# Microchip Anuncia Nuevos Microcontroladores PIC® Mejorados de Gama Media con 8,



## Meta (Mar 5, 2010)

*Microchip Anuncia Nuevos Microcontroladores PIC® Mejorados de Gama Media con 8, 14 y 20 patillas *







                Microchip anuncia nuevos microcontroladores PIC® de 8 bit que incorporan numerosos periféricos y caracterizados por corrientes activas inferiores a 50 µA/MHz así como corrientes extremadamente reducidas en modo dormido.  Los microcontroladores PIC12F182X y PIC16F182X (PIC1XF182X) amplían la línea de productos Mejorados de gama Media con núcleo de 8 bit dentro del segmento de 
8 patillas, llevando así hasta 16 el número total de microcontroladores PIC Mejorados con núcleo de 
8 bit, en encapsulados de 8 a 64 patillas.   Con su consumo extremadamente bajo y sus elevados niveles de integración, incluyendo detección táctil capacitiva mTouch™  y múltiples periféricos de comunicaciones, los microcontroladores de aplicación general PIC12F182X y PIC16F182X se adaptan muy bien a una amplia variedad de aplicaciones en los mercados de electrodomésticos, consumo y automóvil, entre otros.

La tecnología nanoWatt XLP sigue siendo el estándar para microcontroladores alimentados mediante  baterías y, cuando se combinan con un consumo extremadamente bajo de corriente en modo activo inferior a 50 µA/MHz, mejora la eficiencia energética general en una gran variedad de aplicaciones.  La arquitectura de Gama Media Mejorada de 8 bit proporciona hasta un 50% de incremento en prestaciones y 14 nuevas instrucciones que dan como resultado un aumento de hasta el 40% en la  eficiencia de ejecución de código C respecto a los microcontroladores PIC16 de 8 bit de la generación anterior.  Los microcontroladores PIC1XF182X incorporan interfaces dobles I2C™/SPI, más salidas PWM con bases de tiempo independientes y Modulador de Señal para Datos que permite a los diseñadores combinar muchas funciones en un solo microcontrolador.

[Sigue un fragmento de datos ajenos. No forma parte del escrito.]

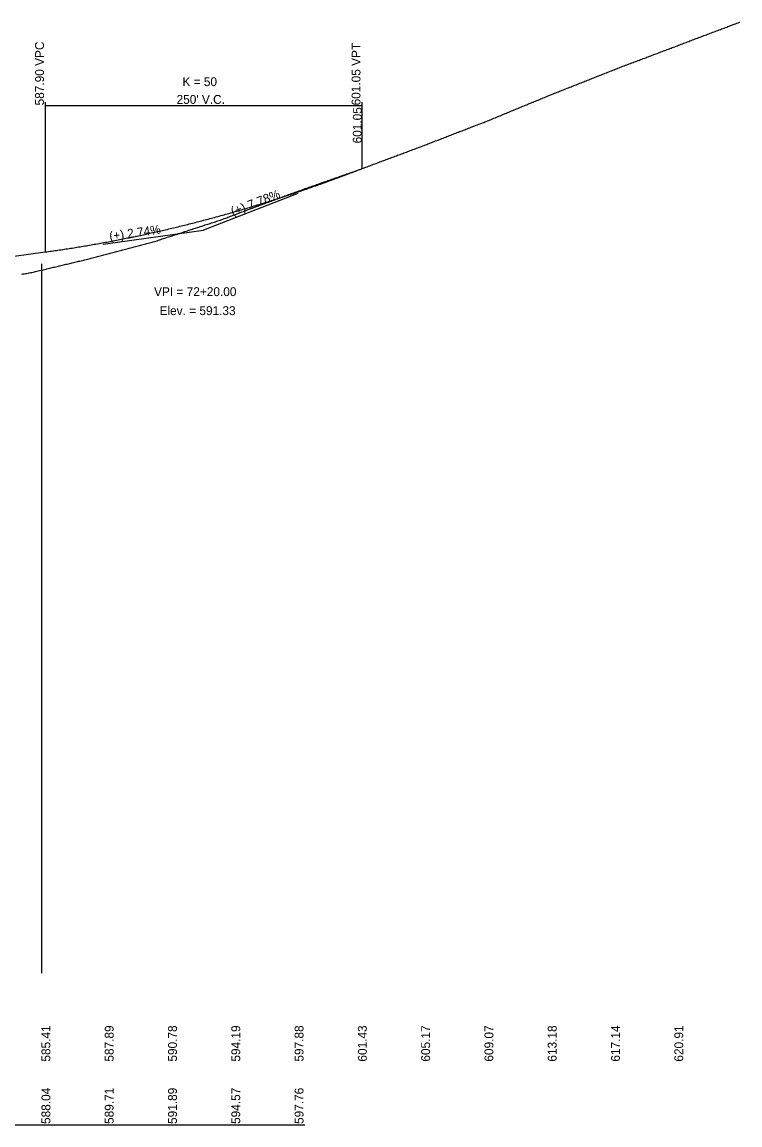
# Model space of a CAD drawing. Extents: x 1622419 to 1631737, y 887848 to 892020.
# Drawn here: x 1623574 to 1624141, y 890770 to 891641 of the extents above; entities that cross this region are included whole.
import ezdxf

# ---------------------------------------------------------------- set-up
doc = ezdxf.new("R2010")
doc.units = 0
for name, color, linetype in [('RD_DDB_GradeTX', 7, 'Continuous'), ('RD_DDB_Profile_EX', 7, 'Continuous'), ('RD_DDB_Profile_Lbl', 7, 'Continuous'), ('RD_DDB_Profile_PR', 7, 'Continuous'), ('RD_DDB_StripGrade', 7, 'Continuous'), ('RD_DDB_VCLbl', 7, 'Continuous'), ('RD_GPK_Profile_Cell', 7, 'Continuous'), ('RD_PD_Bridge', 7, 'Continuous')]:
    doc.layers.add(name, color=color, linetype=linetype)

msp = doc.modelspace()

# ---------------------------------------------------------------- linework, layer by layer
at = {"layer": 'RD_DDB_GradeTX'}
for p in [(1623791.58, 891505.66), (1623637.76, 891465.79)]:
    msp.add_line(p, (1623717.02, 891476.67), dxfattribs=at)
at = {"layer": 'RD_DDB_Profile_EX'}
for points in [[(1624087.38, 891620.9), (1624088.38, 891621.28), (1624089.38, 891621.66), (1624090.38, 891622.03), (1624091.38, 891622.42), (1624092.38, 891622.81), (1624093.38, 891623.19), (1624094.38, 891623.57), (1624095.38, 891623.95), (1624096.38, 891624.33), (1624097.38, 891624.71), (1624098.38, 891625.09), (1624099.38, 891625.46), (1624100.38, 891625.84), (1624101.38, 891626.22), (1624102.38, 891626.6), (1624103.38, 891626.98), (1624104.38, 891627.36), (1624105.38, 891627.74), (1624106.38, 891628.12), (1624107.38, 891628.5), (1624108.38, 891628.88), (1624109.38, 891629.25), (1624110.38, 891629.63), (1624111.38, 891630.01), (1624112.38, 891630.38), (1624113.38, 891630.76), (1624114.38, 891631.14), (1624115.38, 891631.52), (1624116.38, 891631.89), (1624117.38, 891632.27), (1624118.38, 891632.65), (1624119.38, 891633.02), (1624120.38, 891633.4), (1624121.38, 891633.78), (1624122.38, 891634.15), (1624123.38, 891634.53), (1624124.38, 891634.91), (1624125.38, 891635.29), (1624126.38, 891635.66), (1624127.38, 891636.04), (1624128.38, 891636.42), (1624129.38, 891636.79), (1624130.38, 891637.17), (1624131.38, 891637.55), (1624132.38, 891637.92), (1624133.38, 891638.3), (1624134.38, 891638.68), (1624135.38, 891639.06), (1624136.38, 891639.43), (1624137.38, 891639.81), (1624138.38, 891640.19), (1624139.38, 891640.56), (1624140.38, 891640.94), (1624140.85, 891641.12)], [(1623987.38, 891582.01), (1623988.38, 891582.42), (1623989.38, 891582.83), (1623990.38, 891583.25), (1623991.38, 891583.66), (1623992.38, 891584.06), (1623993.38, 891584.45), (1623994.38, 891584.85), (1623995.38, 891585.25), (1623996.38, 891585.64), (1623997.38, 891586.04), (1623998.38, 891586.43), (1623999.38, 891586.83), (1624000.38, 891587.23), (1624001.38, 891587.62), (1624002.38, 891588.02), (1624003.38, 891588.42), (1624004.38, 891588.81), (1624005.38, 891589.21), (1624006.38, 891589.6), (1624007.38, 891590), (1624008.38, 891590.4), (1624009.38, 891590.79), (1624010.38, 891591.19), (1624011.38, 891591.59), (1624012.38, 891591.98), (1624013.38, 891592.38), (1624014.38, 891592.77), (1624015.38, 891593.17), (1624016.38, 891593.57), (1624017.38, 891593.96), (1624018.38, 891594.36), (1624019.38, 891594.75), (1624020.38, 891595.15), (1624021.38, 891595.55), (1624022.38, 891595.94), (1624023.38, 891596.34), (1624024.38, 891596.74), (1624025.38, 891597.13), (1624026.38, 891597.53), (1624027.38, 891597.92), (1624028.38, 891598.32), (1624029.38, 891598.72), (1624030.38, 891599.11), (1624031.38, 891599.51), (1624032.38, 891599.91), (1624033.38, 891600.3), (1624034.38, 891600.7), (1624035.38, 891601.09), (1624036.38, 891601.49), (1624037.38, 891601.89), (1624038.38, 891602.28), (1624039.38, 891602.68), (1624040.38, 891603.08), (1624041.38, 891603.49), (1624042.38, 891603.89), (1624043.38, 891604.29), (1624044.38, 891604.7), (1624045.38, 891605.08), (1624046.38, 891605.45), (1624047.38, 891605.83), (1624048.38, 891606.21), (1624049.38, 891606.59), (1624050.38, 891606.96), (1624051.38, 891607.34), (1624052.38, 891607.72), (1624053.38, 891608.09), (1624054.38, 891608.47), (1624055.38, 891608.85), (1624056.38, 891609.22), (1624057.38, 891609.6), (1624058.38, 891609.98), (1624059.38, 891610.35), (1624060.38, 891610.73), (1624061.38, 891611.11), (1624062.38, 891611.48), (1624063.38, 891611.86), (1624064.38, 891612.24), (1624065.38, 891612.61), (1624066.38, 891612.99), (1624067.38, 891613.37), (1624068.38, 891613.74), (1624069.38, 891614.12), (1624070.38, 891614.5), (1624071.38, 891614.88), (1624072.38, 891615.25), (1624073.38, 891615.63), (1624074.38, 891616.01), (1624075.38, 891616.38), (1624076.38, 891616.76), (1624077.38, 891617.14), (1624078.38, 891617.51), (1624079.38, 891617.89), (1624080.38, 891618.27), (1624081.38, 891618.64), (1624082.38, 891619.02), (1624083.38, 891619.4), (1624084.38, 891619.77), (1624085.38, 891620.15), (1624086.38, 891620.53), (1624087.38, 891620.9)], [(1623887.38, 891542.19), (1623888.38, 891542.56), (1623889.38, 891542.93), (1623890.38, 891543.3), (1623891.38, 891543.68), (1623892.38, 891544.07), (1623893.38, 891544.45), (1623894.38, 891544.84), (1623895.38, 891545.23), (1623896.38, 891545.62), (1623897.38, 891546.01), (1623898.38, 891546.4), (1623899.38, 891546.79), (1623900.38, 891547.18), (1623901.38, 891547.57), (1623902.38, 891547.96), (1623903.38, 891548.35), (1623904.38, 891548.73), (1623905.38, 891549.12), (1623906.38, 891549.51), (1623907.38, 891549.9), (1623908.38, 891550.29), (1623909.38, 891550.68), (1623910.38, 891551.06), (1623911.38, 891551.45), (1623912.38, 891551.84), (1623913.38, 891552.23), (1623914.38, 891552.62), (1623915.38, 891553), (1623916.38, 891553.39), (1623917.38, 891553.78), (1623918.38, 891554.16), (1623919.38, 891554.55), (1623920.38, 891554.94), (1623921.38, 891555.33), (1623922.38, 891555.71), (1623923.38, 891556.1), (1623924.38, 891556.49), (1623925.38, 891556.87), (1623926.38, 891557.26), (1623927.38, 891557.65), (1623928.38, 891558.03), (1623929.38, 891558.42), (1623930.38, 891558.8), (1623931.38, 891559.19), (1623932.38, 891559.58), (1623933.38, 891559.96), (1623934.38, 891560.35), (1623935.38, 891560.73), (1623936.38, 891561.12), (1623937.38, 891561.5), (1623938.38, 891561.89), (1623939.38, 891562.27), (1623940.38, 891562.66), (1623941.38, 891563.04), (1623942.38, 891563.43), (1623943.38, 891563.85), (1623944.38, 891564.26), (1623945.38, 891564.68), (1623946.38, 891565.09), (1623947.38, 891565.51), (1623948.38, 891565.92), (1623949.38, 891566.34), (1623950.38, 891566.75), (1623951.38, 891567.16), (1623952.38, 891567.58), (1623953.38, 891567.99), (1623954.38, 891568.41), (1623955.38, 891568.82), (1623956.38, 891569.23), (1623957.38, 891569.65), (1623958.38, 891570.06), (1623959.38, 891570.47), (1623960.38, 891570.89), (1623961.38, 891571.3), (1623962.38, 891571.71), (1623963.38, 891572.13), (1623964.38, 891572.54), (1623965.38, 891572.95), (1623966.38, 891573.37), (1623967.38, 891573.78), (1623968.38, 891574.19), (1623969.38, 891574.6), (1623970.38, 891575.01), (1623971.38, 891575.43), (1623972.38, 891575.84), (1623973.38, 891576.25), (1623974.38, 891576.66), (1623975.38, 891577.07), (1623976.38, 891577.49), (1623977.38, 891577.9), (1623978.38, 891578.31), (1623979.38, 891578.72), (1623980.38, 891579.13), (1623981.38, 891579.54), (1623982.38, 891579.95), (1623983.38, 891580.37), (1623984.38, 891580.78), (1623985.38, 891581.19), (1623986.38, 891581.6), (1623987.38, 891582.01)], [(1623787.38, 891505.94), (1623788.38, 891506.3), (1623789.38, 891506.66), (1623790.38, 891507.02), (1623791.38, 891507.38), (1623792.38, 891507.74), (1623793.38, 891508.1), (1623794.38, 891508.46), (1623795.38, 891508.81), (1623796.38, 891509.17), (1623797.38, 891509.53), (1623798.38, 891509.89), (1623799.38, 891510.24), (1623800.38, 891510.6), (1623801.38, 891510.96), (1623802.38, 891511.31), (1623803.38, 891511.67), (1623804.38, 891512.02), (1623805.38, 891512.37), (1623806.38, 891512.73), (1623807.38, 891513.08), (1623808.38, 891513.43), (1623809.38, 891513.78), (1623810.38, 891514.13), (1623811.38, 891514.48), (1623812.38, 891514.83), (1623813.38, 891515.18), (1623814.38, 891515.53), (1623815.38, 891515.88), (1623816.38, 891516.23), (1623817.38, 891516.58), (1623818.38, 891516.93), (1623819.38, 891517.28), (1623820.38, 891517.63), (1623821.38, 891517.98), (1623822.38, 891518.33), (1623823.38, 891518.68), (1623824.38, 891519.03), (1623825.38, 891519.38), (1623826.38, 891519.73), (1623827.38, 891520.08), (1623828.38, 891520.43), (1623829.38, 891520.77), (1623830.38, 891521.12), (1623831.38, 891521.47), (1623832.38, 891521.82), (1623833.38, 891522.17), (1623834.38, 891522.52), (1623835.38, 891522.87), (1623836.38, 891523.21), (1623837.38, 891523.56), (1623838.38, 891523.91), (1623839.38, 891524.28), (1623840.38, 891524.65), (1623841.38, 891525.03), (1623842.38, 891525.4), (1623843.38, 891525.78), (1623844.38, 891526.15), (1623845.38, 891526.53), (1623846.38, 891526.9), (1623847.38, 891527.28), (1623848.38, 891527.65), (1623849.38, 891528.03), (1623850.38, 891528.4), (1623851.38, 891528.78), (1623852.38, 891529.15), (1623853.38, 891529.53), (1623854.38, 891529.9), (1623855.38, 891530.27), (1623856.38, 891530.65), (1623857.38, 891531.02), (1623858.38, 891531.4), (1623859.38, 891531.77), (1623860.38, 891532.14), (1623861.38, 891532.52), (1623862.38, 891532.89), (1623863.38, 891533.26), (1623864.38, 891533.64), (1623865.38, 891534.01), (1623866.38, 891534.38), (1623867.38, 891534.75), (1623868.38, 891535.13), (1623869.38, 891535.5), (1623870.38, 891535.87), (1623871.38, 891536.24), (1623872.38, 891536.62), (1623873.38, 891536.99), (1623874.38, 891537.36), (1623875.38, 891537.73), (1623876.38, 891538.1), (1623877.38, 891538.48), (1623878.38, 891538.85), (1623879.38, 891539.22), (1623880.38, 891539.59), (1623881.38, 891539.96), (1623882.38, 891540.33), (1623883.38, 891540.7), (1623884.38, 891541.08), (1623885.38, 891541.45), (1623886.38, 891541.82), (1623887.38, 891542.19)], [(1623687.38, 891470.76), (1623688.38, 891471.09), (1623689.38, 891471.42), (1623690.38, 891471.75), (1623691.38, 891472.07), (1623692.38, 891472.4), (1623693.38, 891472.73), (1623694.38, 891473.06), (1623695.38, 891473.38), (1623696.38, 891473.71), (1623697.38, 891474.04), (1623698.38, 891474.36), (1623699.38, 891474.69), (1623700.38, 891475.02), (1623701.38, 891475.34), (1623702.38, 891475.67), (1623703.38, 891475.99), (1623704.38, 891476.32), (1623705.38, 891476.64), (1623706.38, 891476.97), (1623707.38, 891477.29), (1623708.38, 891477.62), (1623709.38, 891477.94), (1623710.38, 891478.27), (1623711.38, 891478.59), (1623712.38, 891478.91), (1623713.38, 891479.24), (1623714.38, 891479.56), (1623715.38, 891479.88), (1623716.38, 891480.21), (1623717.38, 891480.53), (1623718.38, 891480.85), (1623719.38, 891481.18), (1623720.38, 891481.5), (1623721.38, 891481.82), (1623722.38, 891482.14), (1623723.38, 891482.46), (1623724.38, 891482.79), (1623725.38, 891483.11), (1623726.38, 891483.43), (1623727.38, 891483.75), (1623728.38, 891484.07), (1623729.38, 891484.39), (1623730.38, 891484.72), (1623731.38, 891485.09), (1623732.38, 891485.47), (1623733.38, 891485.85), (1623734.38, 891486.23), (1623735.38, 891486.61), (1623736.38, 891486.98), (1623737.38, 891487.36), (1623738.38, 891487.74), (1623739.38, 891488.12), (1623740.38, 891488.49), (1623741.38, 891488.87), (1623742.38, 891489.24), (1623743.38, 891489.62), (1623744.38, 891490), (1623745.38, 891490.37), (1623746.38, 891490.75), (1623747.38, 891491.12), (1623748.38, 891491.5), (1623749.38, 891491.87), (1623750.38, 891492.25), (1623751.38, 891492.62), (1623752.38, 891493), (1623753.38, 891493.37), (1623754.38, 891493.75), (1623755.38, 891494.12), (1623756.38, 891494.49), (1623757.38, 891494.87), (1623758.38, 891495.24), (1623759.38, 891495.61), (1623760.38, 891495.99), (1623761.38, 891496.36), (1623762.38, 891496.73), (1623763.38, 891497.1), (1623764.38, 891497.48), (1623765.38, 891497.85), (1623766.38, 891498.22), (1623767.38, 891498.59), (1623768.38, 891498.96), (1623769.38, 891499.33), (1623770.38, 891499.7), (1623771.38, 891500.08), (1623772.38, 891500.45), (1623773.38, 891500.82), (1623774.38, 891501.19), (1623775.38, 891501.56), (1623776.38, 891501.93), (1623777.38, 891502.3), (1623778.38, 891502.67), (1623779.38, 891503.03), (1623780.38, 891503.4), (1623781.38, 891503.77), (1623782.38, 891504.14), (1623783.38, 891504.5), (1623784.38, 891504.86), (1623785.38, 891505.22), (1623786.38, 891505.58), (1623787.38, 891505.94)], [(1623587.38, 891444.81), (1623588.38, 891445.05), (1623589.38, 891445.28), (1623590.38, 891445.52), (1623591.38, 891445.75), (1623592.38, 891445.99), (1623593.38, 891446.23), (1623594.38, 891446.46), (1623595.38, 891446.7), (1623596.38, 891446.93), (1623597.38, 891447.17), (1623598.38, 891447.41), (1623599.38, 891447.64), (1623600.38, 891447.88), (1623601.38, 891448.11), (1623602.38, 891448.35), (1623603.38, 891448.59), (1623604.38, 891448.82), (1623605.38, 891449.06), (1623606.38, 891449.29), (1623607.38, 891449.53), (1623608.38, 891449.77), (1623609.38, 891450), (1623610.38, 891450.24), (1623611.38, 891450.48), (1623612.38, 891450.71), (1623613.38, 891450.95), (1623614.38, 891451.19), (1623615.38, 891451.42), (1623616.38, 891451.66), (1623617.38, 891451.9), (1623618.38, 891452.14), (1623619.38, 891452.37), (1623620.38, 891452.61), (1623621.38, 891452.85), (1623622.38, 891453.08), (1623623.38, 891453.32), (1623624.38, 891453.56), (1623625.38, 891453.8), (1623626.38, 891454.03), (1623627.38, 891454.27), (1623628.38, 891454.51), (1623629.38, 891454.79), (1623630.38, 891455.06), (1623631.38, 891455.32), (1623632.38, 891455.59), (1623633.38, 891455.85), (1623634.38, 891456.12), (1623635.38, 891456.39), (1623636.38, 891456.65), (1623637.38, 891456.92), (1623638.38, 891457.19), (1623639.38, 891457.45), (1623640.38, 891457.72), (1623641.38, 891457.99), (1623642.38, 891458.25), (1623643.38, 891458.52), (1623644.38, 891458.79), (1623645.38, 891459.05), (1623646.38, 891459.32), (1623647.38, 891459.58), (1623648.38, 891459.85), (1623649.38, 891460.12), (1623650.38, 891460.38), (1623651.38, 891460.65), (1623652.38, 891460.92), (1623653.38, 891461.18), (1623654.38, 891461.45), (1623655.38, 891461.71), (1623656.38, 891461.98), (1623657.38, 891462.25), (1623658.38, 891462.51), (1623659.38, 891462.78), (1623660.38, 891463.05), (1623661.38, 891463.31), (1623662.38, 891463.58), (1623663.38, 891463.84), (1623664.38, 891464.11), (1623665.38, 891464.38), (1623666.38, 891464.64), (1623667.38, 891464.91), (1623668.38, 891465.17), (1623669.38, 891465.44), (1623670.38, 891465.71), (1623671.38, 891465.97), (1623672.38, 891466.24), (1623673.38, 891466.5), (1623674.38, 891466.77), (1623675.38, 891467.04), (1623676.38, 891467.3), (1623677.38, 891467.57), (1623678.38, 891467.83), (1623679.38, 891468.12), (1623680.38, 891468.45), (1623681.38, 891468.79), (1623682.38, 891469.12), (1623683.38, 891469.45), (1623684.38, 891469.77), (1623685.38, 891470.1), (1623686.38, 891470.43), (1623687.38, 891470.76)], [(1623573.38, 891441.98), (1623574.38, 891442.14), (1623575.38, 891442.3), (1623576.38, 891442.45), (1623577.38, 891442.63), (1623578.38, 891442.83), (1623579.38, 891443.03), (1623580.38, 891443.23), (1623581.38, 891443.42), (1623582.38, 891443.64), (1623583.38, 891443.87), (1623584.38, 891444.11), (1623585.38, 891444.34), (1623586.38, 891444.58), (1623587.38, 891444.81)]]:
    msp.add_lwpolyline(points, dxfattribs=at)
at = {"layer": 'RD_DDB_Profile_PR'}
msp.add_line((1623482.02, 891444.41), (1623592.02, 891459.51), dxfattribs=at)
msp.add_spline([(1623592.02, 891459.51), (1623597.02, 891460.21), (1623602.02, 891460.93), (1623607.02, 891461.68), (1623612.02, 891462.46), (1623617.02, 891463.26), (1623622.02, 891464.08), (1623627.02, 891464.93), (1623632.02, 891465.81), (1623637.02, 891466.71), (1623642.02, 891467.63), (1623647.02, 891468.58), (1623652.02, 891469.56), (1623657.02, 891470.56), (1623662.02, 891471.58), (1623667.02, 891472.63), (1623672.02, 891473.71), (1623677.02, 891474.81), (1623682.02, 891475.94), (1623687.02, 891477.09), (1623692.02, 891478.27), (1623697.02, 891479.47), (1623702.02, 891480.7), (1623707.02, 891481.95), (1623712.02, 891483.23), (1623717.02, 891484.53), (1623722.02, 891485.86), (1623727.02, 891487.21), (1623732.02, 891488.59), (1623737.02, 891489.99), (1623742.02, 891491.42), (1623747.02, 891492.87), (1623752.02, 891494.35), (1623757.02, 891495.86), (1623762.02, 891497.39), (1623767.02, 891498.94), (1623772.02, 891500.52), (1623777.02, 891502.12), (1623782.02, 891503.75), (1623787.02, 891505.41), (1623792.02, 891507.09), (1623797.02, 891508.79), (1623802.02, 891510.52), (1623807.02, 891512.28), (1623812.02, 891514.06), (1623817.02, 891515.87), (1623822.02, 891517.7), (1623827.02, 891519.55), (1623832.02, 891521.43), (1623837.02, 891523.34), (1623842.02, 891525.27)], degree=3, dxfattribs=at)
at = {"layer": 'RD_DDB_VCLbl'}
for p, q in [((1623592.02, 891577.77), (1623592.02, 891459.51)), ((1623592.02, 891575.27), (1623842.02, 891575.27)), ((1623842.02, 891577.77), (1623842.02, 891525.27))]:
    msp.add_line(p, q, dxfattribs=at)
at = {"layer": 'RD_GPK_Profile_Cell'}
msp.add_line((1622497.02, 890770.02), (1623797.02, 890770.02), dxfattribs=at)
at = {"layer": 'RD_PD_Bridge'}
msp.add_line((1623589.32, 890890.02), (1623589.32, 891450.27), dxfattribs=at)

# ---------------------------------------------------------------- texts
at = {"layer": 'RD_DDB_GradeTX'}
for s, rotation, p in [('(+) 7.78%', 21.24822, (1623740.22, 891487.83)), ('(+) 2.74%', 7.81488, (1623643.11, 891468.54))]:
    msp.add_text(s, height=7, rotation=rotation, dxfattribs=at).set_placement(p)
at = {"layer": 'RD_DDB_Profile_Lbl'}
msp.add_text('601.05', height=7, rotation=90, dxfattribs=at).set_placement((1623842.02, 891545.27))
for s, p in [('VPI = 72+20.00', (1623677.99, 891424.67)), ('Elev. = 591.33', (1623682.29, 891409.67))]:
    msp.add_text(s, height=7, dxfattribs=at).set_placement(p)
at = {"layer": 'RD_DDB_StripGrade'}
for s, p in [('587.90 VPC', (1623591.02, 891575.27)), ('601.05 VPT', (1623841.02, 891575.27)), ('585.41', (1623596.02, 890820.02)), ('587.89', (1623646.02, 890820.02)), ('590.78', (1623696.02, 890820.02)), ('594.19', (1623746.02, 890820.02)), ('597.88', (1623796.02, 890820.02)), ('601.43', (1623846.02, 890820.02)), ('605.17', (1623896.02, 890820.02)), ('609.07', (1623946.02, 890820.02)), ('613.18', (1623996.02, 890820.02)), ('617.14', (1624046.02, 890820.02)), ('620.91', (1624096.02, 890820.02)), ('588.04', (1623596.02, 890770.77)), ('589.71', (1623646.02, 890770.77)), ('591.89', (1623696.02, 890770.77)), ('594.57', (1623746.02, 890770.77)), ('597.76', (1623796.02, 890770.77))]:
    msp.add_text(s, height=7, rotation=90, dxfattribs=at).set_placement(p)
at = {"layer": 'RD_DDB_VCLbl'}
for s, p in [('K = 50', (1623700.4, 891590.52)), ("250' V.C.", (1623695.76, 891576.52))]:
    msp.add_text(s, height=7, dxfattribs=at).set_placement(p)

doc.saveas('drawing.dxf')

Características de los Microcontroladores PIC1XF182X

La siguiente tabla resume las principales características de los microcontroladores PIC1XF182X.

Característica​Frecuencia Máx.
32 MHz
Oscilador Interno
31,25 kHz a 32 MHz, Seleccionable por Software
Memoria de Programa
Hasta 14 KB Flash
EEPROM de Datos
256 Bytes
Memoria de Datos
Hasta 1 KB
Temporizadores
Hasta 4 x 8 bit, 1 x 16 bit, con Soporte de Reloj en Tiempo Real
Comunicaciones
Hasta 2 x MI2C/SPI y 1 x EUSART
Convertidor A/D
Hasta 12 x 10 bit
Comparadores
Hasta 2 x con Entradas Rail-to-Rail
Canales PWM
Hasta 4 con Bases de Tiempo Independientes
Tensión de Trabajo
1,8 – 5,5V (incluyendo funcionamiento completo con periféricos analógicos)
Corriente en Modo de Espera
20 nA a 1,8V, Típico
Detección Táctil Capacitiva mTouch
Hasta 12 Canales
Otras Funciones
Modulador de Señal para Datos

Los diseñadores pueden utilizar todo el conjunto de herramientas de desarrollo estándar de Microchip con los nuevos microcontroladores, incluyendo el MPLAB® IDE gratuito y de sencillo manejo, así como el compilador HI-TECH C® para microcontroladores PIC16.  Además, existe una amplia variedad de hardware de depuración, desde el conocido Depurador/Programador In-Circuit PICkit 3 hasta el Depurador In-Circuit MPLAB ICD 3, el Programador Universal de Dispositivos MPLAB PM3 y el Emulador In-Circuit MPLAB REAL ICE™.             
*más info.*


PIC1XF182X en Microchip


Fuente:
http://www.elektor.es/noticias/micr..._source=ES&utm_medium=email&utm_campaign=news


----------



## 20deoctubre (Jul 21, 2010)

Siempre interesante lo que nos proporciona Microchip...
Alguien sabe que es esto...  Detección Táctil Capacitiva mTouch ?


----------



## tiopepe123 (Jul 21, 2010)

Son pulsadores silimares a los ipod o de algunos portatiles.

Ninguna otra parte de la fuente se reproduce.